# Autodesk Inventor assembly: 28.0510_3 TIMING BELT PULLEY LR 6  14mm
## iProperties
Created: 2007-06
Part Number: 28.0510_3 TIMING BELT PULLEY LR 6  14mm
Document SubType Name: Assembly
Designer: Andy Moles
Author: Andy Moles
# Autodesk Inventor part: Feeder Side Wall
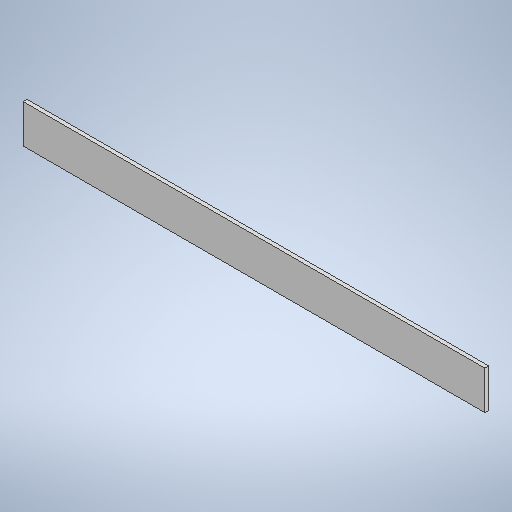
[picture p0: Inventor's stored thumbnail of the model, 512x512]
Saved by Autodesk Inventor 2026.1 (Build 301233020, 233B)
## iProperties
Created: 2026-11
Part Number: Feeder Side Wall
Material: Generic
Document SubType Name: Modeling
Designer: hp
Density: 1 g/cm^3
Appearance: Default
Author: hp
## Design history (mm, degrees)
sketch "Sketch1"
  geometry: L1 (0, 0)-(600, 0); L2 (600, 0)-(600, 50); L3 (600, 50)-(0, 50); L4 (0, 50)-(0, 0)
  constraints: 8 end point, 2 parallel, 1 horizontal, 1 perpendicular
  dimensions: "d0" = 600 distance of L3.end L2.end; "d1" = 50 distance of L2.end L1.end
extrude "Extrusion1" new body sketch "Sketch1" distance "d2" = 5; taper "d3" = 0 deg
body "Solid1"

Task statement>
The count alone is needed: how many lines of these entries contain the word "Inventor"?

Answer section>
4